The attacks couldn’t have happened at a better time. Johnny was making little headway with the double murders. Everything was too clean. Matt had wearily informed him that Chittleborough had no criminal record and the only fingerprints found in the flat had been his. No one had seen or heard anything strange on Thursday evening. The killer had shown a clean pair of heels.

“Someone’s not happy,” said PDQ. “Perhaps they’re blaming the Jews for dragging us – kicking and screaming – towards war. They get blamed for all sorts of things.”

“Perfect scapegoats,” said Johnny. “But Chamberlain’s flying to Munich this morning. Third time lucky.”

“I hardly think so, Steadman,” said Patsel. “Such – how do you say it? – yo-yo diplomacy is bound to fail. It demonstrates weakness, not strength.” He appeared gratified at the prospect.

“There’s been another one.” Tanfield, who had the desk opposite Johnny’s, brandished a telegram from Reuters. “The next Lord Mayor’s been hurt.”

Mansion House Street was to the City what Piccadilly Circus was to Westminster.
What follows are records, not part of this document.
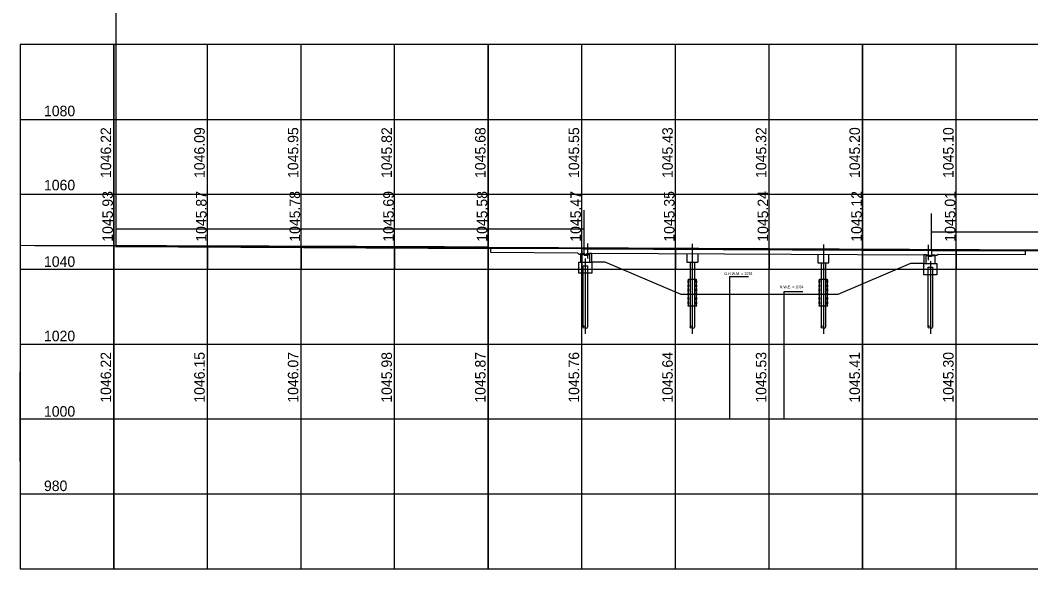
# Model space of a CAD drawing. Extents: x -2222 to 2066, y -217 to 964.
# Drawn here: x -1844.8 to -1574.9, y -68.1 to 78.3 of the extents above; entities that cross this region are included whole.
import ezdxf

# ---------------------------------------------------------------- set-up
doc = ezdxf.new("R2010")
doc.units = 0
for name, color, linetype in [('BR_P_Gen_Approach_Slab', 7, 'Continuous'), ('BR_P_Gen_Joint_Filler', 7, 'Continuous'), ('BR_P_Slab_Object', 7, 'Continuous'), ('BR_X_Gen_Approach_Slab', 7, 'Continuous'), ('BR_X_Slab_Object', 7, 'Continuous'), ('BR_X_Sub_Centerline', 7, 'Continuous'), ('BR_X_Sub_Deep_Centerline', 7, 'Continuous'), ('BR_X_Sub_Deep_Object', 7, 'Continuous'), ('BR_X_Sub_Object', 7, 'Continuous'), ('PF_X_Ground_Line', 7, 'Continuous'), ('SC_Scratch1', 7, 'Continuous'), ('SC_Scratch2', 7, 'Continuous'), ('SC_Scratch3', 7, 'Continuous'), ('XS_P_Pavt_Surface', 7, 'Continuous')]:
    doc.layers.add(name, color=color, linetype=linetype)

msp = doc.modelspace()

# ---------------------------------------------------------------- linework, layer by layer
at = {"layer": 'BR_P_Gen_Approach_Slab'}
for p, q in [((-1694.21, 17.26), (-1719.21, 17.4)), ((-1601.47, 16.83), (-1576.47, 16.77))]:
    msp.add_line(p, q, dxfattribs=at)
at = {"layer": 'BR_P_Gen_Joint_Filler'}
for points in [[(-1694.29, 17.41), (-1694.21, 17.41), (-1694.21, 17.24), (-1694.29, 17.24)], [(-1601.47, 16.98), (-1601.39, 16.98), (-1601.39, 16.81), (-1601.47, 16.81)]]:
    msp.add_lwpolyline(points, close=True, dxfattribs=at)
at = {"layer": 'BR_P_Slab_Object'}
for p, q in [((-1601.47, 16.98), (-1694.21, 17.41)), ((-1694.21, 17.41), (-1694.21, 17.26)), ((-1694.21, 17.26), (-1601.47, 16.83)), ((-1601.47, 16.83), (-1601.47, 16.98))]:
    msp.add_line(p, q, dxfattribs=at)
at = {"layer": 'BR_X_Gen_Approach_Slab'}
for points in [[(-1694.21, 17.32), (-1719.21, 17.44), (-1719.21, 16.36), (-1696.02, 16.25), (-1695.65, 15.88), (-1695.07, 15.88)], [(-1601.47, 16.9), (-1576.47, 16.78), (-1576.47, 15.7), (-1599.69, 15.81), (-1600.03, 15.47), (-1600.6, 15.47)]]:
    msp.add_lwpolyline(points, dxfattribs=at)
at = {"layer": 'BR_X_Slab_Object'}
for p, q in [((-1694.21, 16.08), (-1694.21, 17.32)), ((-1694.21, 17.32), (-1601.47, 16.9)), ((-1601.47, 16.9), (-1601.47, 15.68))]:
    msp.add_line(p, q, dxfattribs=at)
at = {"layer": 'BR_X_Sub_Centerline'}
for p, q in [((-1665.34, 18.63), (-1665.34, -5.41)), ((-1630.34, 18.47), (-1630.34, -5.41)), ((-1602.34, 18.34), (-1602.34, 14.27)), ((-1601.76, 14.03), (-1601.76, -5.41))]:
    msp.add_line(p, q, dxfattribs=at)
at = {"layer": 'BR_X_Sub_Deep_Centerline'}
for p, q in [((-1693.34, 18.75), (-1693.34, 14.68)), ((-1693.92, 14.68), (-1693.92, -5.41))]:
    msp.add_line(p, q, dxfattribs=at)
at = {"layer": 'BR_X_Sub_Deep_Object'}
for p, q in [((-1665.92, 13.69), (-1665.92, -3.6)), ((-1664.76, 13.69), (-1664.76, -3.6)), ((-1630.92, 13.53), (-1630.92, -3.6)), ((-1629.76, 13.53), (-1629.76, -3.6)), ((-1664.34, 9.06), (-1666.34, 9.06)), ((-1629.34, 9.06), (-1631.34, 9.06))]:
    msp.add_line(p, q, dxfattribs=at)
for points in [[(-1694.5, -3.6), (-1694.5, 12.76), (-1693.34, 12.76), (-1693.34, -3.6)], [(-1602.34, -3.6), (-1602.34, 12.36), (-1601.17, 12.36), (-1601.17, -3.6)], [(-1666.34, 9.06), (-1666.52, 9.03), (-1666.52, 8.97), (-1666.34, 8.93), (-1666.34, 8.87), (-1666.52, 8.84), (-1666.52, 8.77), (-1666.34, 8.74), (-1666.34, 8.68), (-1666.52, 8.65), (-1666.52, 8.58), (-1666.34, 8.55), (-1666.34, 8.48), (-1666.52, 8.45), (-1666.52, 8.39), (-1666.34, 8.35), (-1666.34, 8.29), (-1666.52, 8.26), (-1666.52, 8.19), (-1666.34, 8.16), (-1666.34, 8.1), (-1666.52, 8.07), (-1666.52, 8), (-1666.34, 7.97), (-1666.34, 7.91), (-1666.52, 7.87), (-1666.52, 7.81), (-1666.34, 7.77), (-1666.34, 7.71), (-1666.52, 7.68), (-1666.52, 7.61), (-1666.34, 7.58), (-1666.34, 7.52), (-1666.52, 7.49), (-1666.52, 7.42), (-1666.34, 7.39), (-1666.34, 7.33), (-1666.52, 7.29), (-1666.52, 7.23), (-1666.34, 7.19), (-1666.34, 7.13), (-1666.52, 7.1), (-1666.52, 7.03), (-1666.34, 7), (-1666.34, 6.94), (-1666.52, 6.91), (-1666.52, 6.84), (-1666.34, 6.81), (-1666.34, 6.75), (-1666.52, 6.71), (-1666.52, 6.65), (-1666.34, 6.61), (-1666.34, 6.55), (-1666.52, 6.52), (-1666.52, 6.45), (-1666.34, 6.42), (-1666.34, 6.36), (-1666.52, 6.33), (-1666.52, 6.26), (-1666.34, 6.23), (-1666.34, 6.17), (-1666.52, 6.13), (-1666.52, 6.07), (-1666.34, 6.03), (-1666.34, 5.97), (-1666.52, 5.94), (-1666.52, 5.87), (-1666.34, 5.84), (-1666.34, 5.78), (-1666.52, 5.75), (-1666.52, 5.68), (-1666.34, 5.65), (-1666.34, 5.59), (-1666.52, 5.55), (-1666.52, 5.49), (-1666.34, 5.45), (-1666.34, 5.39), (-1666.52, 5.36), (-1666.52, 5.29), (-1666.34, 5.26), (-1666.34, 5.2), (-1666.52, 5.17), (-1666.52, 5.1), (-1666.34, 5.07), (-1666.34, 5.01), (-1666.52, 4.97), (-1666.52, 4.91), (-1666.34, 4.87), (-1666.34, 4.81), (-1666.52, 4.78), (-1666.52, 4.71), (-1666.34, 4.68), (-1666.34, 4.62), (-1666.52, 4.59), (-1666.52, 4.52), (-1666.34, 4.49), (-1666.34, 4.43), (-1666.52, 4.39), (-1666.52, 4.33), (-1666.34, 4.29), (-1666.34, 4.23), (-1666.52, 4.2), (-1666.52, 4.13), (-1666.34, 4.1), (-1666.34, 4.04), (-1666.52, 4.01), (-1666.52, 3.94), (-1666.34, 3.91), (-1666.34, 3.85), (-1666.52, 3.81), (-1666.52, 3.75), (-1666.34, 3.72), (-1666.34, 3.65), (-1666.52, 3.62), (-1666.52, 3.55), (-1666.34, 3.52), (-1666.34, 3.46), (-1666.52, 3.43), (-1666.52, 3.36), (-1666.34, 3.33), (-1666.34, 3.27), (-1666.52, 3.23), (-1666.52, 3.17), (-1666.34, 3.14), (-1666.34, 3.07), (-1666.52, 3.04), (-1666.52, 2.97), (-1666.34, 2.94), (-1666.34, 2.88), (-1666.52, 2.85), (-1666.52, 2.78), (-1666.34, 2.75), (-1666.34, 2.69), (-1666.52, 2.65), (-1666.52, 2.59), (-1666.34, 2.56), (-1666.34, 2.49), (-1666.52, 2.46), (-1666.52, 2.39), (-1666.34, 2.36), (-1666.34, 2.3), (-1666.52, 2.27), (-1666.52, 2.2), (-1666.34, 2.17), (-1666.34, 2.11), (-1666.52, 2.07), (-1666.52, 2.06), (-1664.16, 2.06), (-1664.16, 2.07), (-1664.34, 2.11), (-1664.34, 2.17), (-1664.16, 2.2), (-1664.16, 2.27), (-1664.34, 2.3), (-1664.34, 2.36), (-1664.16, 2.39), (-1664.16, 2.46), (-1664.34, 2.49), (-1664.34, 2.56), (-1664.16, 2.59), (-1664.16, 2.65), (-1664.34, 2.69), (-1664.34, 2.75), (-1664.16, 2.78), (-1664.16, 2.85), (-1664.34, 2.88), (-1664.34, 2.94), (-1664.16, 2.97), (-1664.16, 3.04), (-1664.34, 3.07), (-1664.34, 3.14), (-1664.16, 3.17), (-1664.16, 3.23), (-1664.34, 3.27), (-1664.34, 3.33), (-1664.16, 3.36), (-1664.16, 3.43), (-1664.34, 3.46), (-1664.34, 3.52), (-1664.16, 3.55), (-1664.16, 3.62), (-1664.34, 3.65), (-1664.34, 3.72), (-1664.16, 3.75), (-1664.16, 3.81), (-1664.34, 3.85), (-1664.34, 3.91), (-1664.16, 3.94), (-1664.16, 4.01), (-1664.34, 4.04), (-1664.34, 4.1), (-1664.16, 4.13), (-1664.16, 4.2), (-1664.34, 4.23), (-1664.34, 4.29), (-1664.16, 4.33), (-1664.16, 4.39), (-1664.34, 4.43), (-1664.34, 4.49), (-1664.16, 4.52), (-1664.16, 4.59), (-1664.34, 4.62), (-1664.34, 4.68), (-1664.16, 4.71), (-1664.16, 4.78), (-1664.34, 4.81), (-1664.34, 4.87), (-1664.16, 4.91), (-1664.16, 4.97), (-1664.34, 5.01), (-1664.34, 5.07), (-1664.16, 5.1), (-1664.16, 5.17), (-1664.34, 5.2), (-1664.34, 5.26), (-1664.16, 5.29), (-1664.16, 5.36), (-1664.34, 5.39), (-1664.34, 5.45), (-1664.16, 5.49), (-1664.16, 5.55), (-1664.34, 5.59), (-1664.34, 5.65), (-1664.16, 5.68), (-1664.16, 5.75), (-1664.34, 5.78), (-1664.34, 5.84), (-1664.16, 5.87), (-1664.16, 5.94), (-1664.34, 5.97), (-1664.34, 6.03), (-1664.16, 6.07), (-1664.16, 6.13), (-1664.34, 6.17), (-1664.34, 6.23), (-1664.16, 6.26), (-1664.16, 6.33), (-1664.34, 6.36), (-1664.34, 6.42), (-1664.16, 6.45), (-1664.16, 6.52), (-1664.34, 6.55), (-1664.34, 6.61), (-1664.16, 6.65), (-1664.16, 6.71), (-1664.34, 6.75), (-1664.34, 6.81), (-1664.16, 6.84), (-1664.16, 6.91), (-1664.34, 6.94), (-1664.34, 7), (-1664.16, 7.03), (-1664.16, 7.1), (-1664.34, 7.13), (-1664.34, 7.19), (-1664.16, 7.23), (-1664.16, 7.29), (-1664.34, 7.33), (-1664.34, 7.39), (-1664.16, 7.42), (-1664.16, 7.49), (-1664.34, 7.52), (-1664.34, 7.58), (-1664.16, 7.61), (-1664.16, 7.68), (-1664.34, 7.71), (-1664.34, 7.77), (-1664.16, 7.81), (-1664.16, 7.87), (-1664.34, 7.91), (-1664.34, 7.97), (-1664.16, 8), (-1664.16, 8.07), (-1664.34, 8.1), (-1664.34, 8.16), (-1664.16, 8.19), (-1664.16, 8.26), (-1664.34, 8.29), (-1664.34, 8.35), (-1664.16, 8.39), (-1664.16, 8.45), (-1664.34, 8.48), (-1664.34, 8.55), (-1664.16, 8.58), (-1664.16, 8.65), (-1664.34, 8.68), (-1664.34, 8.74), (-1664.16, 8.77), (-1664.16, 8.84), (-1664.34, 8.87), (-1664.34, 8.93), (-1664.16, 8.97), (-1664.16, 9.03), (-1664.34, 9.06)], [(-1666.34, 9.06), (-1665.92, 9.15), (-1664.76, 9.15), (-1664.34, 9.06)], [(-1631.34, 9.06), (-1631.52, 9.03), (-1631.52, 8.97), (-1631.34, 8.93), (-1631.34, 8.87), (-1631.52, 8.84), (-1631.52, 8.77), (-1631.34, 8.74), (-1631.34, 8.68), (-1631.52, 8.65), (-1631.52, 8.58), (-1631.34, 8.55), (-1631.34, 8.48), (-1631.52, 8.45), (-1631.52, 8.39), (-1631.34, 8.35), (-1631.34, 8.29), (-1631.52, 8.26), (-1631.52, 8.19), (-1631.34, 8.16), (-1631.34, 8.1), (-1631.52, 8.07), (-1631.52, 8), (-1631.34, 7.97), (-1631.34, 7.91), (-1631.52, 7.87), (-1631.52, 7.81), (-1631.34, 7.77), (-1631.34, 7.71), (-1631.52, 7.68), (-1631.52, 7.61), (-1631.34, 7.58), (-1631.34, 7.52), (-1631.52, 7.49), (-1631.52, 7.42), (-1631.34, 7.39), (-1631.34, 7.33), (-1631.52, 7.29), (-1631.52, 7.23), (-1631.34, 7.19), (-1631.34, 7.13), (-1631.52, 7.1), (-1631.52, 7.03), (-1631.34, 7), (-1631.34, 6.94), (-1631.52, 6.91), (-1631.52, 6.84), (-1631.34, 6.81), (-1631.34, 6.75), (-1631.52, 6.71), (-1631.52, 6.65), (-1631.34, 6.61), (-1631.34, 6.55), (-1631.52, 6.52), (-1631.52, 6.45), (-1631.34, 6.42), (-1631.34, 6.36), (-1631.52, 6.33), (-1631.52, 6.26), (-1631.34, 6.23), (-1631.34, 6.17), (-1631.52, 6.13), (-1631.52, 6.07), (-1631.34, 6.03), (-1631.34, 5.97), (-1631.52, 5.94), (-1631.52, 5.87), (-1631.34, 5.84), (-1631.34, 5.78), (-1631.52, 5.75), (-1631.52, 5.68), (-1631.34, 5.65), (-1631.34, 5.59), (-1631.52, 5.55), (-1631.52, 5.49), (-1631.34, 5.45), (-1631.34, 5.39), (-1631.52, 5.36), (-1631.52, 5.29), (-1631.34, 5.26), (-1631.34, 5.2), (-1631.52, 5.17), (-1631.52, 5.1), (-1631.34, 5.07), (-1631.34, 5.01), (-1631.52, 4.97), (-1631.52, 4.91), (-1631.34, 4.87), (-1631.34, 4.81), (-1631.52, 4.78), (-1631.52, 4.71), (-1631.34, 4.68), (-1631.34, 4.62), (-1631.52, 4.59), (-1631.52, 4.52), (-1631.34, 4.49), (-1631.34, 4.43), (-1631.52, 4.39), (-1631.52, 4.33), (-1631.34, 4.29), (-1631.34, 4.23), (-1631.52, 4.2), (-1631.52, 4.13), (-1631.34, 4.1), (-1631.34, 4.04), (-1631.52, 4.01), (-1631.52, 3.94), (-1631.34, 3.91), (-1631.34, 3.85), (-1631.52, 3.81), (-1631.52, 3.75), (-1631.34, 3.72), (-1631.34, 3.65), (-1631.52, 3.62), (-1631.52, 3.55), (-1631.34, 3.52), (-1631.34, 3.46), (-1631.52, 3.43), (-1631.52, 3.36), (-1631.34, 3.33), (-1631.34, 3.27), (-1631.52, 3.23), (-1631.52, 3.17), (-1631.34, 3.14), (-1631.34, 3.07), (-1631.52, 3.04), (-1631.52, 2.97), (-1631.34, 2.94), (-1631.34, 2.88), (-1631.52, 2.85), (-1631.52, 2.78), (-1631.34, 2.75), (-1631.34, 2.69), (-1631.52, 2.65), (-1631.52, 2.59), (-1631.34, 2.56), (-1631.34, 2.49), (-1631.52, 2.46), (-1631.52, 2.39), (-1631.34, 2.36), (-1631.34, 2.3), (-1631.52, 2.27), (-1631.52, 2.2), (-1631.34, 2.17), (-1631.34, 2.11), (-1631.52, 2.07), (-1631.52, 2.06), (-1629.16, 2.06), (-1629.16, 2.07), (-1629.34, 2.11), (-1629.34, 2.17), (-1629.16, 2.2), (-1629.16, 2.27), (-1629.34, 2.3), (-1629.34, 2.36), (-1629.16, 2.39), (-1629.16, 2.46), (-1629.34, 2.49), (-1629.34, 2.56), (-1629.16, 2.59), (-1629.16, 2.65), (-1629.34, 2.69), (-1629.34, 2.75), (-1629.16, 2.78), (-1629.16, 2.85), (-1629.34, 2.88), (-1629.34, 2.94), (-1629.16, 2.97), (-1629.16, 3.04), (-1629.34, 3.07), (-1629.34, 3.14), (-1629.16, 3.17), (-1629.16, 3.23), (-1629.34, 3.27), (-1629.34, 3.33), (-1629.16, 3.36), (-1629.16, 3.43), (-1629.34, 3.46), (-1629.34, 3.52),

It was the very heart of things, where no less than eight arteries met, and as such was usually clogged with traffic. On the map it resembled the head of a splayed octopus with one limb shrivelled.

Johnny stopped the taxi by the monumental headquarters of the Midland Bank. Lutyens had a lot to answer for. The naked boy wrestling a goose above him was a jocular nod towards the building’s location: Poultry. Ten years on, only the southwest corner, regularly lashed by rain, retained a hint of the Portland stone’s original whiteness.

Outside the Bank of England a City cop in reflective white gauntlets waved him and Magnus Monroe, a staff photographer, across the road. The Royal Exchange lay in the fork between Threadneedle Street and Cornhill. The Duke of Wellington and Copenhagen – cast in bronze from captured French cannon – gazed down at him with sightless eyes. The City thrived on making the man in the street feel small.

The Exchange had closed – or been closed – early. One of its constables – instantly recognizable in his blue-and-gold uniform – stood talking to a City cop beneath the portico. As soon as Johnny started climbing the steps, he raised his stick. Johnny kept going.